Ce year dating

When I was a kid, I was always taught to refer to years using BC (Before Christ) and AD (Anno Domini / year of our Lord). That is, BC is usually understood to mean "Before the Common Era" and CE to mean "Common Era," though it is possible to reinterpret the abbreviations as "Christian Era." The simplest reason for using BCE/CE as opposed to AD/BC is to avoid reference to Christianity and, in particular, to avoid naming Christ as Lord (BC/AD: Before Christ/In the year of our Lord). Marking it as the "Christian Era" (or more commonly, the "Common Era") allows the same epoch to be used even though the best calculation for Jesus's birth has changed.

However, I somewhat regularly hear people referring to years as in the CE (Common Era) or BCE (Before the Common Era). Wikipedia, Anno Domini article: , but a few years earlier (i.e., in the somewhat ironic 3–4 B. While Christians make up a very large chunk of the world's population, they are no where near the majority.
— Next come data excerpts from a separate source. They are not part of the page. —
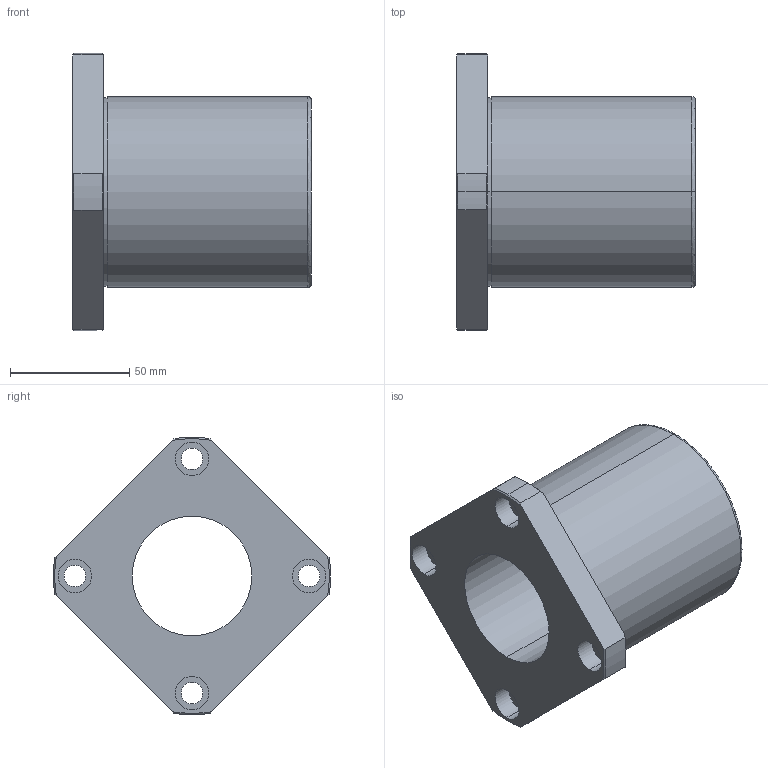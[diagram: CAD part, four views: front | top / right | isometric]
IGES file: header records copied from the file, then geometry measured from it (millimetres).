
Start section: 3D InterOp IGES (Version 21 0 1), Spatial Corp. Copyright (c) 1999-2007.
Global section: file name: NF-50VUU.igs; native system: Spatial Corp.; preprocessor: 3D InterOp GENERIC/IGES 3.0; author: Noname; organization: Noname; date: 20220308.153902; units: millimetre
Bounding box: 100 x 115.89 x 116 mm (x, y, z)
Surface area: 56126.3 mm2 (no closed solid volume)
Topology: 0 solids, 0 shells, 51 faces, 252 edges, 252 vertices
Faces by surface type: revolution 39, extrusion 12

Dates in the Gregorian calendar in the Western world have always used the era designated in English as Anno Domini or Common Era, but over the millennia a wide variety of eras have been used with the Julian calendar. At its core, that date—any date really—is just a code.It's a three-part system allowing those in various locations and points of time to distinguish when an event occurred or will occur. Spoilers: The planet's been around longer than any of us—or any of our ancient relatives—can remember.The first two parts—the month and date—have had a legion of originators, from Cro-Magnon astronomers marking phases of the moon on their eagle bones, to Mayan mystics tracking the movements of the stars from their forest canopies. Tests date the Earth to about 4.54 billion years old, but a whole lot of that time didn't really have anything of substance—to us humans, at least.The 365-and-change-day calendar we use is the result of scientific sweat, an attempt to bring us to a Verifiable Truth regarding how long it takes the Earth to complete one rotation around the sun. Starting a calendar 4.54 billion years ago doesn't make much intuitive sense.